I am still seeing some issues I think are related to what is going on in this thread. I updated to your 5.4-main branch (at 5.4.70) from about two days ago. I get the “eth0: transmit timed out” error in dmesg and the LANx interfaces stop working until the unit is restarted. There is a stack trace as well in dmesg but it does not look to contain anything helpful.

Its not easy to reproduce. Running things ipref do not seem to trigger it, you have to create some CPU load on the R2 as well. Running samba on the R2, sharing a volume on a large SATA disk I can trigger the failure by mounting the volume on a client and doinging something like “cat * > /dev/null” (on the client) in a directory with a few 100GB of files. Some times it will run for six or seven hours, sometimes it will die in 15min.

I realize this is perhaps not a helpful bug report, but I only just got a second unit to play with and cloned my images to it. Now that I have separate test-pig setup I can try things out and iterate faster.

frank-w · October 15, 2020, 2:09pm

I know these rx timeout problems,but thought they are fixed by phylink conversion (5.2/3).

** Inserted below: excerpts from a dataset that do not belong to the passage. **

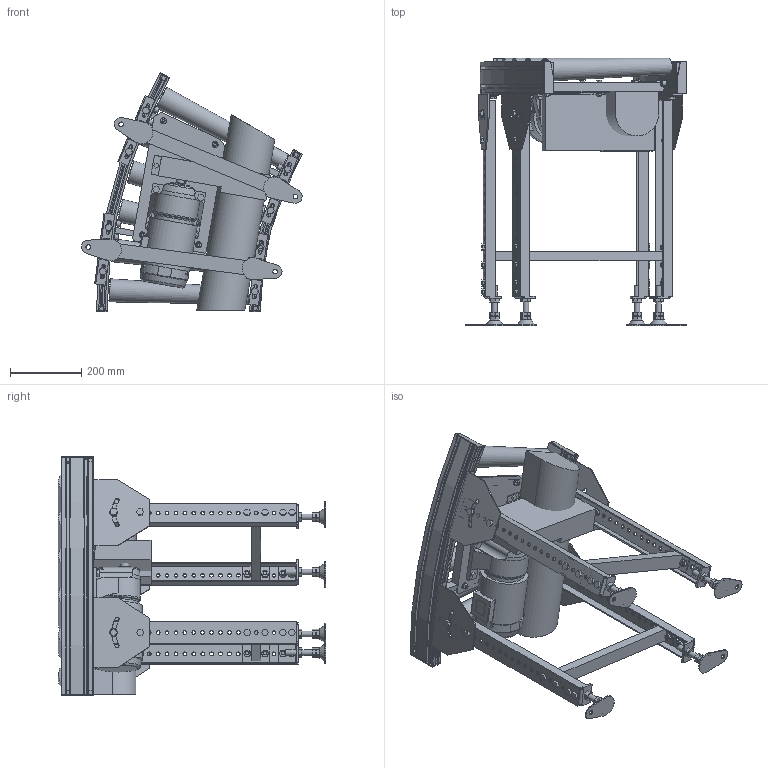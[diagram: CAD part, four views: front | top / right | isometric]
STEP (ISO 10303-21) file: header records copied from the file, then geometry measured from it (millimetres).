
FILE_DESCRIPTION( (''), '2;1');
FILE_NAME ('WEB-MCD1-50-400-100-30°-C9.stp','2026-06-19T10:53:38',(''),(''),'spGate 21.9.5 (****-****-****-****)','','');
FILE_SCHEMA (('AUTOMOTIVE_DESIGN'));
Length unit declared in the file: millimetre
Products named in the file (28): WEB-MCD1-50-400-100-30_-C9; TEMP_X_T-prt0; TEMP_X_T-prt1; TEMP_X_T-prt2; TEMP_X_T-prt3; TEMP_X_T-prt4; TEMP_X_T-prt5; TEMP_X_T-prt6; TEMP_X_T-prt7; TEMP_X_T-prt8; TEMP_X_T-prt9; TEMP_X_T-prt10; TEMP_X_T-prt11; TEMP_X_T-prt12; TEMP_X_T-prt13; TEMP_X_T-prt14; TEMP_X_T-prt15; TEMP_X_T-prt16; TEMP_X_T-prt17; TEMP_X_T-prt18; TEMP_X_T-prt19; TEMP_X_T-prt20; TEMP_X_T-prt21; TEMP_X_T-prt22; TEMP_X_T-prt23; TEMP_X_T-prt24; TEMP_X_T-prt25; TEMP_X_T-prt26
Assembly tree (27 placements, depth 2):
  WEB-MCD1-50-400-100-30_-C9
    TEMP_X_T-prt0
    TEMP_X_T-prt1
    TEMP_X_T-prt2
    TEMP_X_T-prt3
    TEMP_X_T-prt4
    TEMP_X_T-prt5
    TEMP_X_T-prt6
    TEMP_X_T-prt7
    TEMP_X_T-prt8
    TEMP_X_T-prt9
    TEMP_X_T-prt10
    TEMP_X_T-prt11
    TEMP_X_T-prt12
    TEMP_X_T-prt13
    TEMP_X_T-prt14
    TEMP_X_T-prt15
    TEMP_X_T-prt16
    TEMP_X_T-prt17
    TEMP_X_T-prt18
    TEMP_X_T-prt19
    TEMP_X_T-prt20
    TEMP_X_T-prt21
    TEMP_X_T-prt22
    TEMP_X_T-prt23
    TEMP_X_T-prt24
    TEMP_X_T-prt25
    TEMP_X_T-prt26
Bounding box: 619.87 x 750 x 670.6 mm (x, y, z)
Volume: 27256660 mm3; surface area: 2826574.3 mm2
Topology: 27 solids, 52 shells, 2199 faces, 5437 edges, 3550 vertices
Faces by surface type: plane 1780, cylinder 390, bspline 29
Full cylindrical faces by diameter (mm): 6 x1, 8 x16, 10 x35, 10.2 x8, 10.5 x88, 11 x4, 12 x13, 12.2 x2, 12.5 x2, 13 x4, 15.4 x8, 16 x20, 17 x8, 18.4 x28, 18.5 x8, 21 x8, 24 x1, 28 x1, 56 x1, 113.2 x1, 125 x1, 135.411 x1
Entity records: 111518 total; most frequent: CARTESIAN_POINT 13051, DIRECTION 11136, ORIENTED_EDGE 10872, COLOUR_RGB 7662, PRESENTATION_STYLE_ASSIGNMENT 7662, STYLED_ITEM 7662, EDGE_CURVE 5436, DRAUGHTING_PRE_DEFINED_CURVE_FONT 5436

But anywhere i saw a fix for timeouts,but do not remember if it was for 5.4…maybe in openwrt-master or any fork

gwalton · October 15, 2020, 2:10pm

is your 5.4-main phylink?

frank-w · October 15, 2020, 2:14pm

5.4 mainline is phylink…it got merged with 5.3 or 5.2

Can you give me the exact error-message/stack trace

gwalton · October 15, 2020, 2:18pm

Ok, that is what I thought. I appologize i have been away from this project for a bit. I tried to get caught up but the way this forum is organized its a bit challenging, especially with the 64 bit board topics all in the same place here.

So if that is the case, I am curious if anyone else is still seeing the timeout issue. I don’t know if others here are not hitting because they are not trying to use the r2 for any NAS functions. I defenitly have not hit the problem just routing/NATing thru it. I had 5.4.2 up for like 60 days with samba and nfs disabled.

Where there any other changes related to timeout that went in with phylink? I read some stuff about a gmac pause patch. If there is a timeout or wait maybe it needs to be more agressive/pessimistic?

frank-w · October 15, 2020, 2:21pm

The missing pause was added in my 5.4-main long time ago,but with 5.6/5.7 i stumbled again over it so i posted it to mainline,but it is not in 5.4 yet (about to be merged in 5.10)

frank-w · October 15, 2020, 2:52pm

Maybe one of these Patches fix your Problem

https://git.openwrt.org/?p=openwrt/staging/nbd.git;a=commit;h=59d236f11df7539cfd9524a8d7857faefe40f74b

Maybe this one patchwork

Found in this thread: https://forum.openwrt.org/t/mtk-soc-eth-watchdog-timeout-after-r11573/50000/301

gwalton · October 15, 2020, 3:32pm

thanks I’ll take a look

gwalton · October 15, 2020, 5:08pm

patches look interesting but mtk_eth_soc.c looks to have changed a lot before 4.14 and 5.4.70. Going to take some effort here to see if this interrupt vs poll order isssue is even still present.

frank-w · October 15, 2020, 5:35pm

Seems the fe_poll_rx/tx is openwrt specific…i have not found these functions not in 4.14 too…mhm.